[[ Data in this exercise, beginning ]]

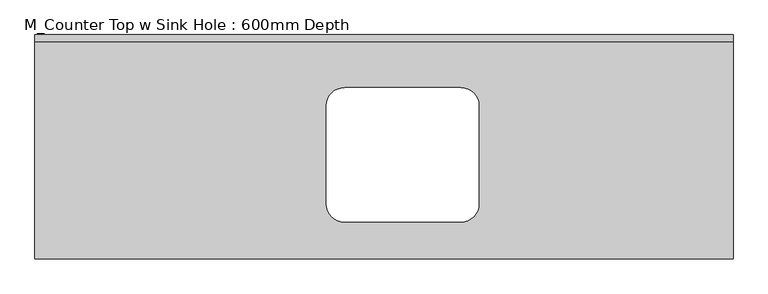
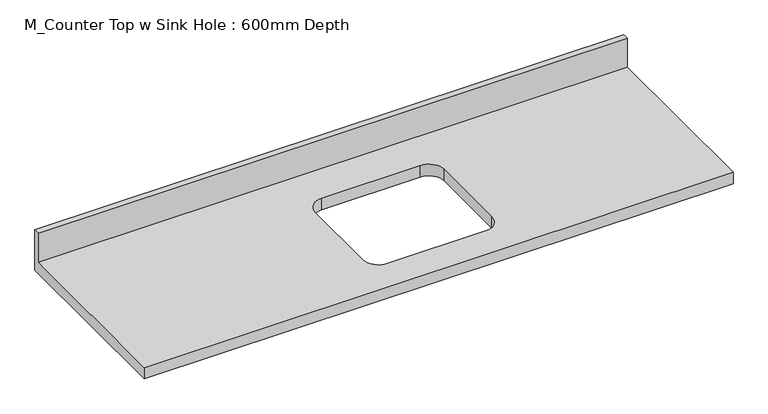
"""IFC4 building model written with IfcOpenShell, lengths in millimetres: furniture geometry, M_Counter Top w Sink Hole : 600mm Depth."""

from ifc_helpers import new_model, si_unit, frame, origin, place, context, project, spatial, polyline, circle_curve, source, transform, mapped, element, save
from ifc_brep_helpers import plane_surface, revolved_surface, advanced_brep


def m_counter_top_w_sink_hole_600mm_depth_08c4f679(model_context):
    return source(origin(), model_context, "Body", "AdvancedBrep", [
        advanced_brep(
        [(-1200.4622951, -625.0, 900.0), (745.5377049, -625.0, 900.0), (745.5377049, -19.05, 900.0), (-1200.4622951, -19.05, 900.0), (-337.3622951, -147.3, 900.0), (-13.5622951, -147.3, 900.0), (37.2377049, -198.1, 900.0), (37.2377049, -471.9, 900.0), (-13.5622951, -522.7, 900.0), (-337.3622951, -522.7, 900.0), (-388.1622951, -471.9, 900.0), (-388.1622951, -198.1, 900.0), (745.5377049, 0.0, 860.0), (745.5377049, -625.0, 860.0), (-1200.4622951, -625.0, 860.0), (-1200.4622951, 0.0, 860.0), (-13.5622951, -147.3, 860.0), (-337.3622951, -147.3, 860.0), (-388.1622951, -198.1, 860.0), (-388.1622951, -471.9, 860.0), (-337.3622951, -522.7, 860.0), (-13.5622951, -522.7, 860.0), (37.2377049, -471.9, 860.0), (37.2377049, -198.1, 860.0), (-1200.4622951, 0.0, 1001.6), (745.5377049, 0.0, 1001.6), (-1200.4622951, -19.05, 1001.6), (745.5377049, -19.05, 1001.6)],
        [
            (0, 1),
            (1, 2),
            (2, 3),
            (3, 0),
            (4, 5),
            (5, 6, circle_curve(frame((-13.5622951, -198.1, 900.0), z_axis=(0.0, 0.0, -1.0), x_axis=(1.0, 0.0, 0.0)), 50.8)),
            (6, 7),
            (7, 8, circle_curve(frame((-13.5622951, -471.9, 900.0), z_axis=(0.0, 0.0, -1.0), x_axis=(1.0, 0.0, 0.0)), 50.8)),
            (8, 9),
            (9, 10, circle_curve(frame((-337.3622951, -471.9, 900.0), z_axis=(0.0, 0.0, -1.0), x_axis=(1.0, 0.0, 0.0)), 50.8)),
            (10, 11),
            (11, 4, circle_curve(frame((-337.3622951, -198.1, 900.0), z_axis=(0.0, 0.0, -1.0), x_axis=(1.0, 0.0, 0.0)), 50.8)),
            (12, 13),
            (13, 14),
            (14, 15),
            (15, 12),
            (16, 17),
            (17, 18, circle_curve(frame((-337.3622951, -198.1, 860.0), z_axis=(0.0, 0.0, 1.0), x_axis=(1.0, 0.0, 0.0)), 50.8)),
            (18, 19),
            (19, 20, circle_curve(frame((-337.3622951, -471.9, 860.0), z_axis=(0.0, 0.0, 1.0), x_axis=(1.0, 0.0, 0.0)), 50.8)),
            (20, 21),
            (21, 22, circle_curve(frame((-13.5622951, -471.9, 860.0), z_axis=(0.0, 0.0, 1.0), x_axis=(1.0, 0.0, 0.0)), 50.8)),
            (22, 23),
            (23, 16, circle_curve(frame((-13.5622951, -198.1, 860.0), z_axis=(0.0, 0.0, 1.0), x_axis=(1.0, 0.0, 0.0)), 50.8)),
            (15, 24),
            (24, 25),
            (25, 12),
            (14, 0),
            (3, 26),
            (26, 24),
            (13, 1),
            (25, 27),
            (27, 2),
            (26, 27),
            (4, 17),
            (16, 5),
            (11, 18),
            (10, 19),
            (9, 20),
            (8, 21),
            (7, 22),
            (6, 23),
        ],
        [
            plane_surface(frame((-1200.4622951, 0.0, 900.0), z_axis=(0.0, 0.0, 1.0), x_axis=(-1.0, 0.0, 0.0))),
            plane_surface(frame((-1200.4622951, 0.0, 860.0), z_axis=(0.0, 0.0, -1.0), x_axis=(1.0, 0.0, 0.0))),
            plane_surface(frame((745.5377049, 0.0, 900.0), z_axis=(0.0, 1.0, 0.0), x_axis=(0.0, 0.0, -1.0))),
            plane_surface(frame((-1200.4622951, 0.0, 900.0), z_axis=(-1.0, 0.0, 0.0), x_axis=(0.0, 0.0, -1.0))),
            plane_surface(frame((-1200.4622951, -625.0, 900.0), z_axis=(0.0, -1.0, 0.0), x_axis=(0.0, 0.0, -1.0))),
            plane_surface(frame((745.5377049, -625.0, 900.0), z_axis=(1.0, 0.0, 0.0), x_axis=(0.0, 0.0, -1.0))),
            plane_surface(frame((-1200.4622951, 0.0, 1001.6), z_axis=(0.0, 0.0, 1.0), x_axis=(0.0, -1.0, 0.0))),
            plane_surface(frame((-1200.4622951, -19.05, 1001.6), z_axis=(0.0, -1.0, 0.0), x_axis=(0.0, 0.0, -1.0))),
            plane_surface(frame((-13.5622951, -147.3, 900.0), z_axis=(0.0, -1.0, 0.0), x_axis=(0.0, 0.0, -1.0))),
            revolved_surface(polyline([(-286.5622951, -198.1, 900.0), (-286.5622951, -198.1, 860.0)]), (-337.3622951, -198.1, 860.0), (0.0, 0.0, 1.0)),
            plane_surface(frame((-388.1622951, -198.1, 900.0), z_axis=(1.0, 0.0, 0.0), x_axis=(0.0, 0.0, -1.0))),
            revolved_surface(polyline([(-286.5622951, -471.9, 900.0), (-286.5622951, -471.9, 860.0)]), (-337.3622951, -471.9, 860.0), (0.0, 0.0, 1.0)),
            plane_surface(frame((-337.3622951, -522.7, 900.0), z_axis=(0.0, 1.0, 0.0), x_axis=(0.0, 0.0, -1.0))),
            revolved_surface(polyline([(37.2377049, -471.9, 900.0), (37.2377049, -471.9, 860.0)]), (-13.5622951, -471.9, 860.0), (0.0, 0.0, 1.0)),
            plane_surface(frame((37.2377049, -471.9, 900.0), z_axis=(-1.0, 0.0, 0.0), x_axis=(0.0, 0.0, -1.0))),
            revolved_surface(polyline([(37.2377049, -198.1, 900.0), (37.2377049, -198.1, 860.0)]), (-13.5622951, -198.1, 860.0), (0.0, 0.0, 1.0)),
        ],
        [
            (0, [[1, 2, 3, 4], [5, 6, 7, 8, 9, 10, 11, 12]]),
            (1, [[13, 14, 15, 16], [17, 18, 19, 20, 21, 22, 23, 24]]),
            (2, [[-16, 25, 26, 27]]),
            (3, [[-15, 28, -4, 29, 30, -25]]),
            (4, [[-1, -28, -14, 31]]),
            (5, [[-13, -27, 32, 33, -2, -31]]),
            (6, [[-30, 34, -32, -26]]),
            (7, [[-34, -29, -3, -33]]),
            (8, [[35, -17, 36, -5]]),
            (9, [[-35, -12, 37, -18]]),
            (10, [[-37, -11, 38, -19]]),
            (11, [[-38, -10, 39, -20]]),
            (12, [[-39, -9, 40, -21]]),
            (13, [[-40, -8, 41, -22]]),
            (14, [[-41, -7, 42, -23]]),
            (15, [[-36, -24, -42, -6]]),
        ],
    ),
    ])


if __name__ == "__main__":
    model = new_model("IFC4")
    model_context = context("Model", 3, world=origin())
    ifc_project = project(units=[si_unit("LENGTHUNIT", "METRE", prefix="MILLI")], contexts=[model_context])
    site = spatial("IfcSite", under=ifc_project)
    building = spatial("IfcBuilding", under=site)
    placement = place(None, origin())
    m_counter_top_w_sink_hole_600mm_depth_shape = m_counter_top_w_sink_hole_600mm_depth_08c4f679(model_context)
    element("IfcFurniture", 1, ObjectType="M_Counter Top w Sink Hole : 600mm Depth", at=placement, inside=building, context=model_context, shape_type="MappedRepresentation", body=[
        mapped(m_counter_top_w_sink_hole_600mm_depth_shape, transform((0.0, 0.0, 0.0), x_axis=(1.0, 0.0, 0.0), y_axis=(0.0, 1.0, 0.0), z_axis=(0.0, 0.0, 1.0))),
    ])
    save(model, "model.ifc")

[[ Data in this exercise, end ]]

» **Instructions to follow**
Copy every line in the data above that has the string "import" in it.

» **Response to this task**
from ifc_helpers import new_model, si_unit, frame, origin, place, context, project, spatial, polyline, circle_curve, source, transform, mapped, element, save
from ifc_brep_helpers import plane_surface, revolved_surface, advanced_brep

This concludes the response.